Winnipeg Free Press - PRINT EDITION
End supply management for the right reasons
Canada's invitation to join the Trans-Pacific Partnership in recent weeks has led to a debate around the future of supply management. Some have suggested that consumers will finally have access to more affordable food products like milk and eggs.
Prices for food which are affected by supply management have increased significantly in recent years. Multiple reports have shown over the years that Canadians consistently pay at least 30 per cent more for milk than most countries in the world. Quebec is in worse shape, since it regulates prices at retail. Canadians also take a financial hit in the purchase of several dairy products, eggs and poultry.
Compared to other countries, though, supply management has given Canadian consumers stable, and most importantly, predictable prices for more than 40 years. To suggest that milk and eggs will be cheaper without supply management is highly speculative. If anything, by ending our trade-distorting scheme, prices will likely vary more and could go either way.
The most important wild card, of course, is the United States.
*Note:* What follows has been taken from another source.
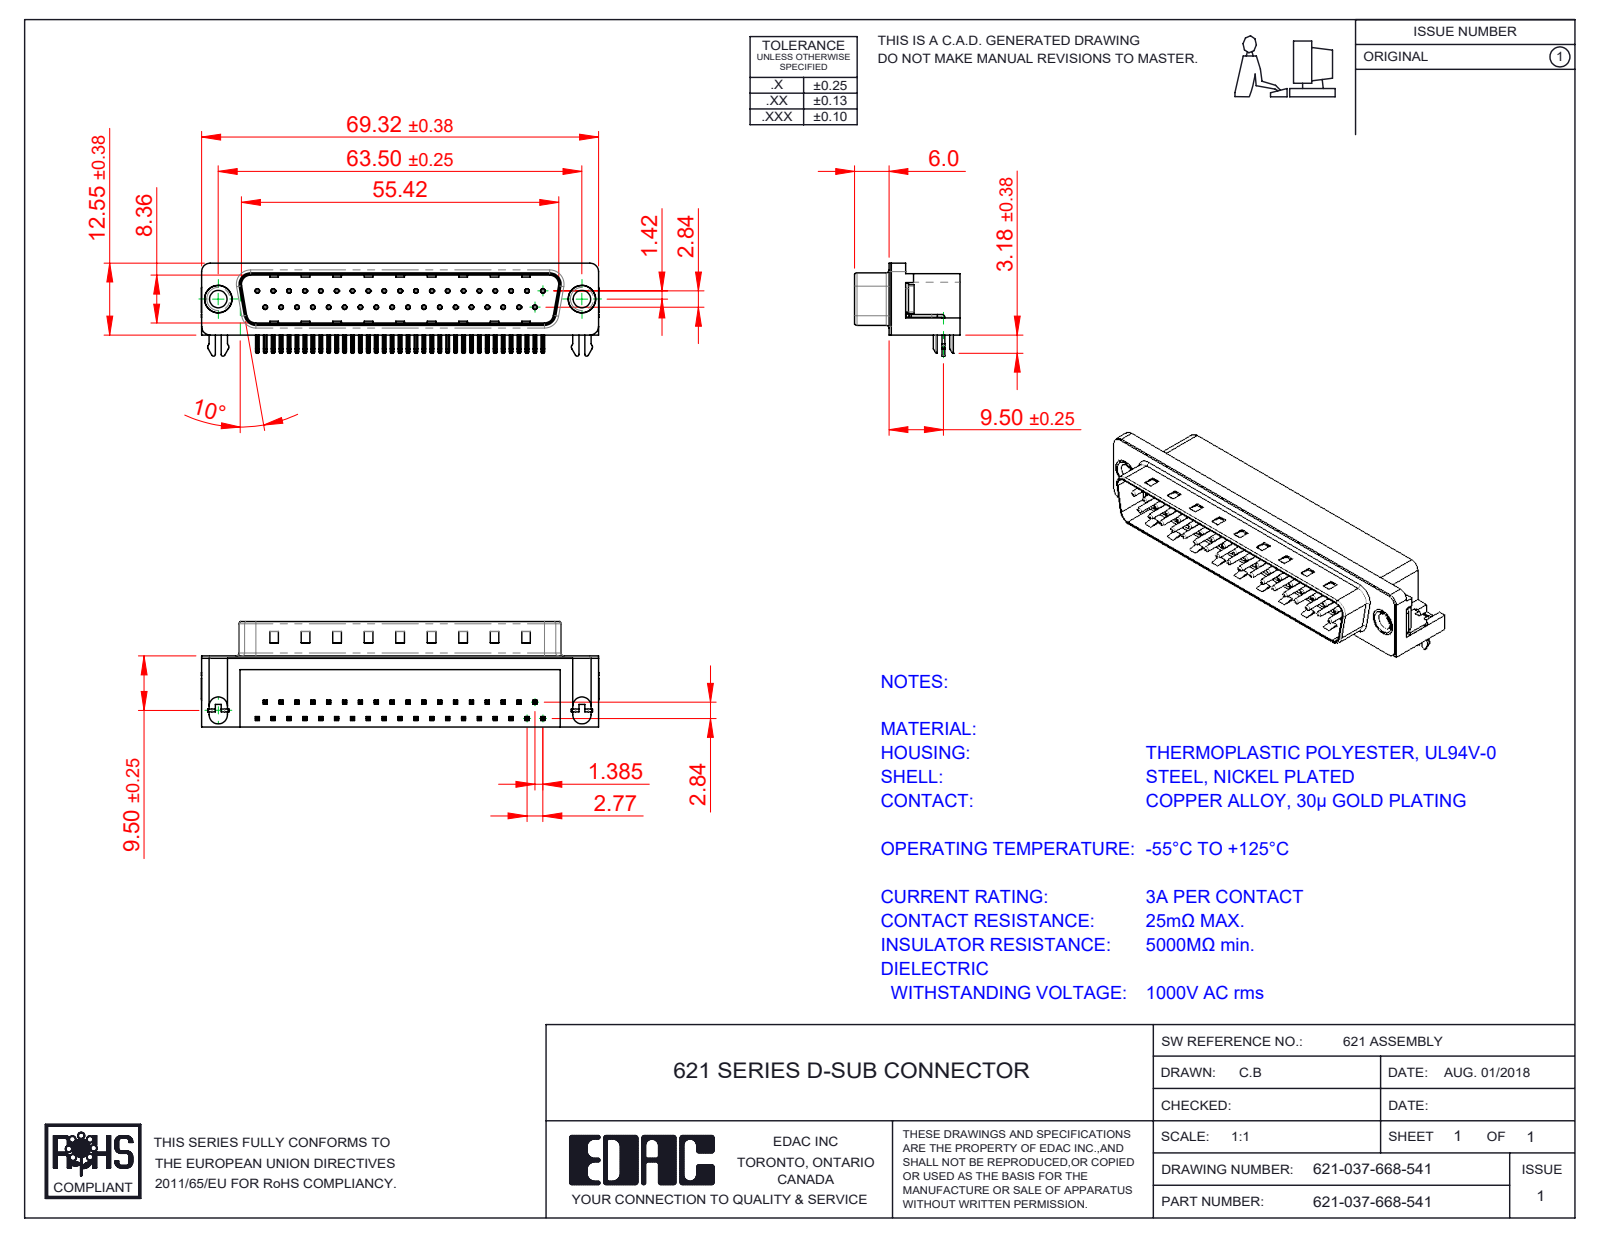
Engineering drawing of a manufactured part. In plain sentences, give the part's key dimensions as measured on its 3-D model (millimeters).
The part is named "621 Thru Hole Rivet; 621 Housing_37 Socket; 621-037-668-541; 621 4 Prong Board Lock (+3 more)". Its 3-D file was written by "SolidWorks 2016 (CONFIG_CONTROL_DESIGN)". It is 43 solids with 3279 faces: 2055 planar, 903 cylindrical and 321 other. Overall it measures 69.4 by 18.4 by 16.25 millimeters. Its volume is 8 618 cubic millimeters and its surface area 10 145 square millimeters. Round holes: 37 of diameter 0.35, 37 of diameter 0.8, 2 of diameter 2, 2 of diameter 3.05, 2 of diameter 4, 2 of diameter 4.8, 2 of diameter 5. Round bosses or shafts: 37 of diameter 0.75, 2 of diameter 4.9, 2 of diameter 4.75, 2 of diameter 3.85, 2 of diameter 3. Partial cylindrical surfaces (rounded edges, fillets, slot ends): 160 of radius 0.25, 74 of radius 0.12, 16 of radius 1, 9 of radius 0.5, 8 of radius 1.6, 7 of radius 1.5, 4 of radius 0.9, 4 of radius 2. The main face-to-face distances are 0.4, 12, 10.35, 8.76, 2.1, 1.7, 10.46, 10.86, 9, 12.4. The hole center spacings are 3.16, 2.77, 5.54, 8.31, 11.08, 13.85, 19.39, 22.16.
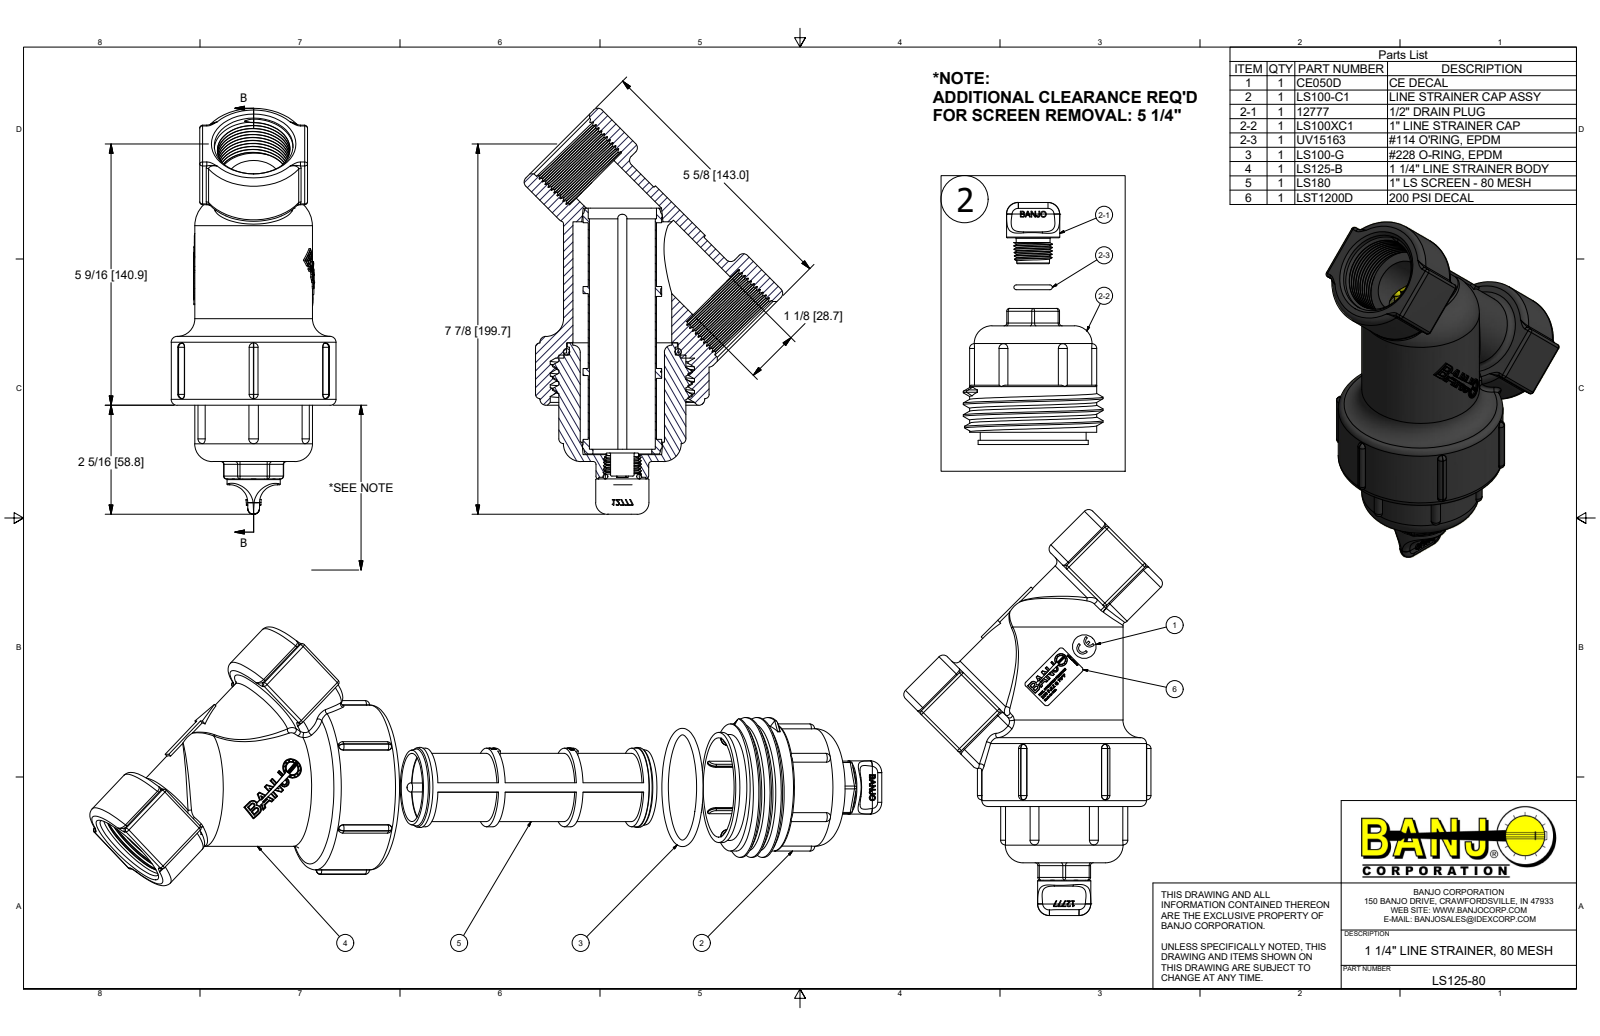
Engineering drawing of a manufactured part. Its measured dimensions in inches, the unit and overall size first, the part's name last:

Since Americans have been operating under free-market rules for decades, farms in the U.S. are much more efficient. The U.S. could simply alienate our supply-managed sectors overnight. Such dominance could jeopardize our food sovereignty and allow American-based processors to control Canadian market conditions.
An impending price war over the short term could lead to perhaps higher prices in the future. It's a highly improbable scenario, but possible nevertheless.
Many experts often compare Canada with Australia, New Zealand, Korea and the United Kingdom, all of which ended their own supply-management schemes years ago. Yet Canada can hardly be compared to these countries since it is situated just north of the current No.1 economy in the world.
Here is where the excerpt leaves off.